En 2000, le Comité des droits de l'homme des Nations unies a « not[é] avec préoccupation que les limites imposées au Koweït en ce qui concerne la liberté d'expression et d'opinion ne sont pas acceptables au regard […] de l'article 19 » du PIDCP. Il a appelé cet État à « veiller à ce que toute personne puisse jouir des droits énoncés à l'article 19 du [PIDCP] sans craindre d'être soumise à des brimades » (documents ONU du 27 juillet 2000 : CCPR/CO/69/KWT ; A/55/40, paragraphes 452 à 497). Néanmoins, aux termes du droit koweïtien, la diffamation écrite et orale demeure une infraction pénale passible d'une peine d'emprisonnement de deux ans en vertu des articles 209 et 210 du Code pénal.

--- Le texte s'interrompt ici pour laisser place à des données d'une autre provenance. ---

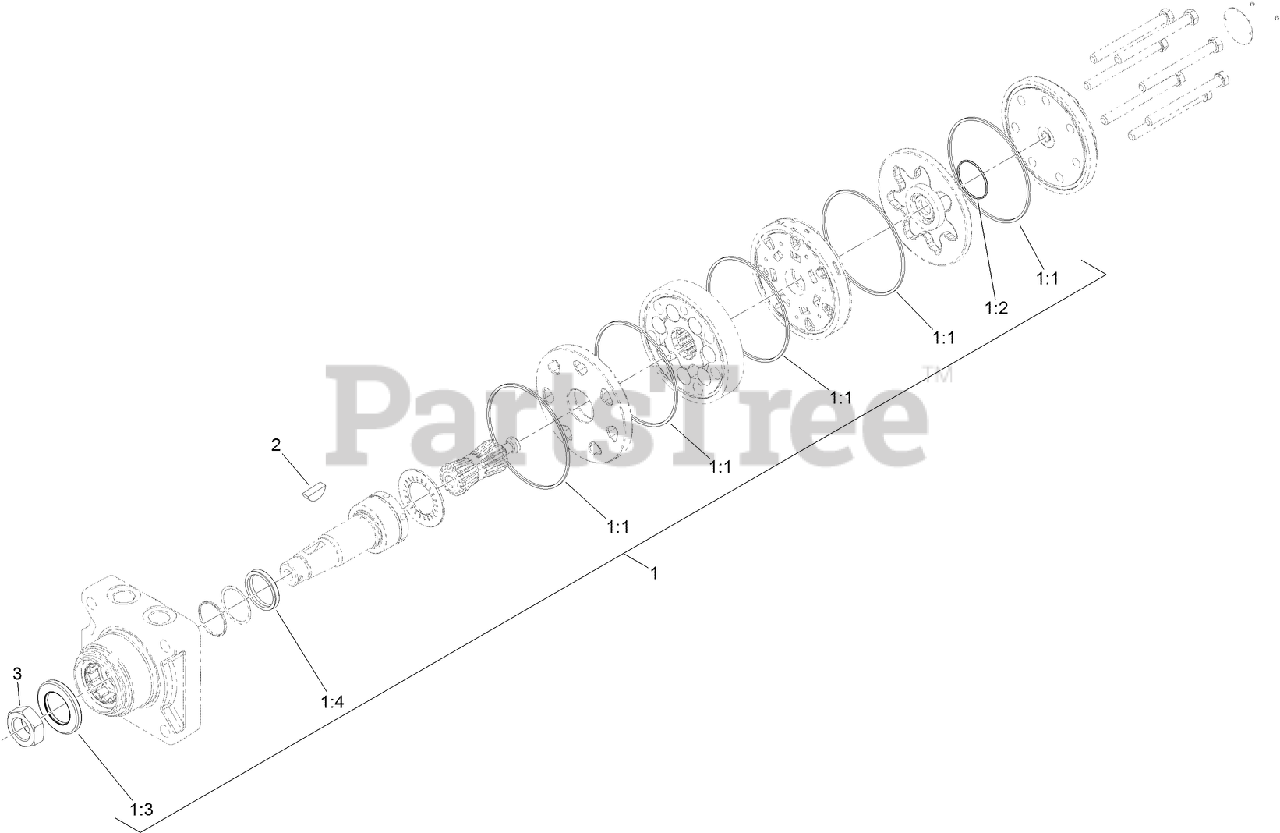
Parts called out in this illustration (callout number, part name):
1	SEAL KIT
1:1	SEAL-RING, VITON
1:2	Seal-Commutator
1:3	SEAL-DIRT/WATER, HI TEMP
1:4	SEAL-SHAFT
2	KEY-WOODRUFF
3	NUT-LOCK
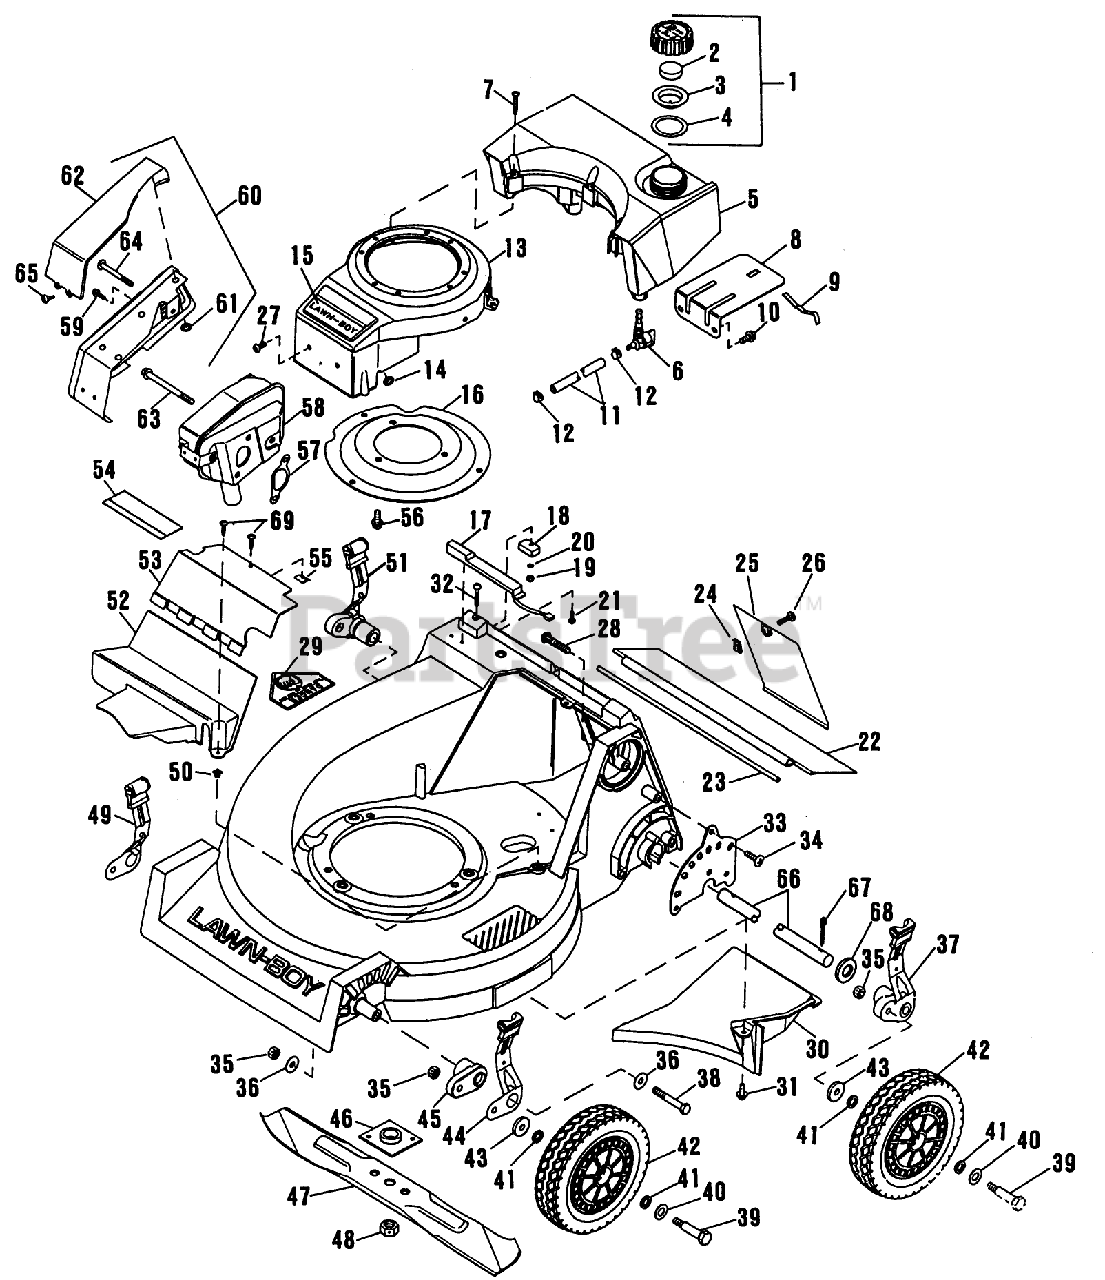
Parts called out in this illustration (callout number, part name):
1	CAP AY - F/OIL SM
2	BAFFLE - FOAM SM
4	GASKET-FUELCAP SM
6	DISC/LB SER.BUL.#6
7	DISC.LB SER.BUL.#6
8	DISC. LB SER.BUL.#6
9	SPRING
11	GAS LINE SM
12	HOSE CLAMP SM
14	NUT-PUSH
17	SWITCH AY DELTA
24	SPEED NUT LARSON
25	DOOR-ACCESS ELECT.
26	SCREW-CROSS RECESS
30	CHUTE BAFFLE NYL
33	PLATE HGT CMS
34	SCREW-BHTF
35	NUT-JAM, LOCKING
36	WASHER-PLAIN
40	SPACER
41	WASHER
42	WHEEL&TIRE 8" TRI
43	WASHER
44	KNOB & SPRING CMS
46	PLATE AND COLLAR ASM
48	NUT-BLADE
49	KNOB & SPRING CMS
50	NUT-CLIP
55	NUT-SPEED
57	GASKET - EXH SM
59	SCREW S
60	MUFFLER GUARD AY
61	NUT-PUSH
62	COVER MUFFLER CP
63	SCREW-SEMS
64	SCREW SM
65	SCREW SM
66	ROD HGT ADJ R GLM
68	SPACER
69	SCREW S
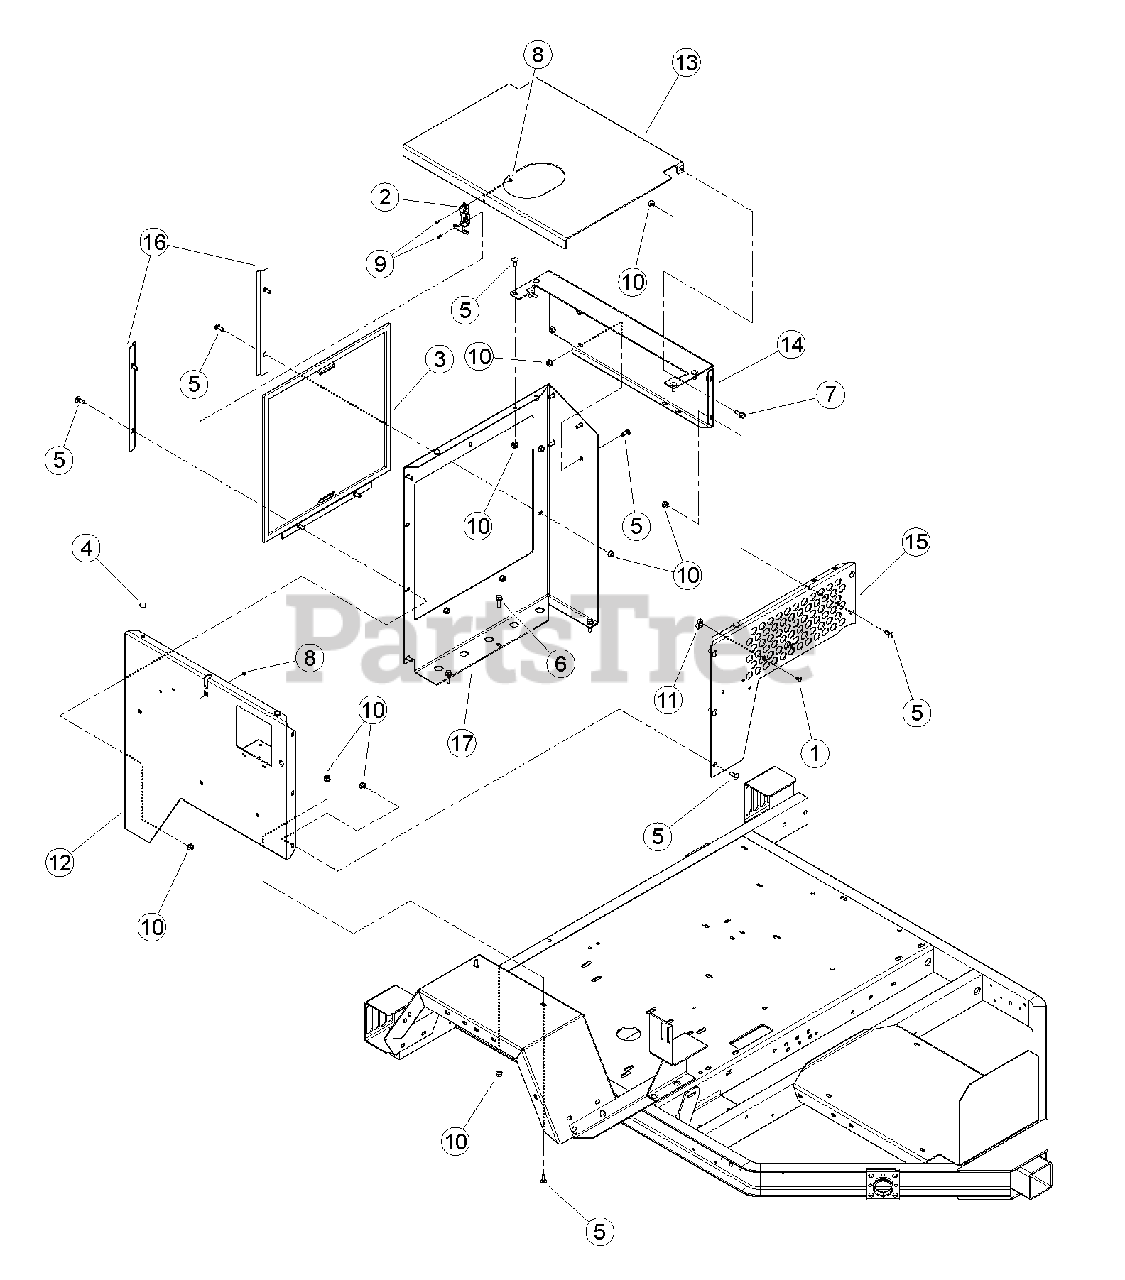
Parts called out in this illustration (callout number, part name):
1	RIVET, 1/4 X 3/4 ST POP
2	LATCH, FLEXIBLE DRAW
3	SCREEN, RADIATOR INLET
4	BUMPER, RUBBER
5	BOLT, 3/8 X 1" GR5 CRG NC ZP
6	BOLT, 3/8 X 1-1/4 FLANGE NC
7	BOLT, 3/8 X 1 FLANGE NC
8	NUT, 10/24 NYLOCK TYPE NM ZP
9	SCREW, MCH 10-24 X 1/2" PAN HD PH ZP
10	NUT, 3/8-16 NYLOCK FLANGE
11	CLAMP, CABLE MOUNT
12	WELDMENT, SIDE COVER PANEL
13	HOOD, ENGINE
14	SIDE, ENGINE COVER
15	COVER, REAR ENGINE
16	BRACKET, SCREEN HOLDER
17	PANEL, RADIATOR COVER

Dans un avis rendu en 2008, le Groupe de travail des Nations unies sur la détention arbitraire a déclaré que le recours au droit pénal était particulièrement inadapté aux cas de diffamation présumée envers des fonctionnaires de l'État étant donné qu'on devait attendre de ces derniers qu'ils tolèrent davantage la critique que les particuliers.


Selon les experts des Nations unies spécialisés dans les droits humains, la diffamation de personnages publics, notamment d'hommes politiques, ne doit pas être érigée en infraction car ceux-ci « devraient être en mesure de tolérer davantage de critiques que les citoyens évoluant dans la sphère privée ». Ils ont également indiqué que la liberté d'opinion et d'expression englobait le droit de critiquer librement des hommes politiques et d'autres personnalités publiques.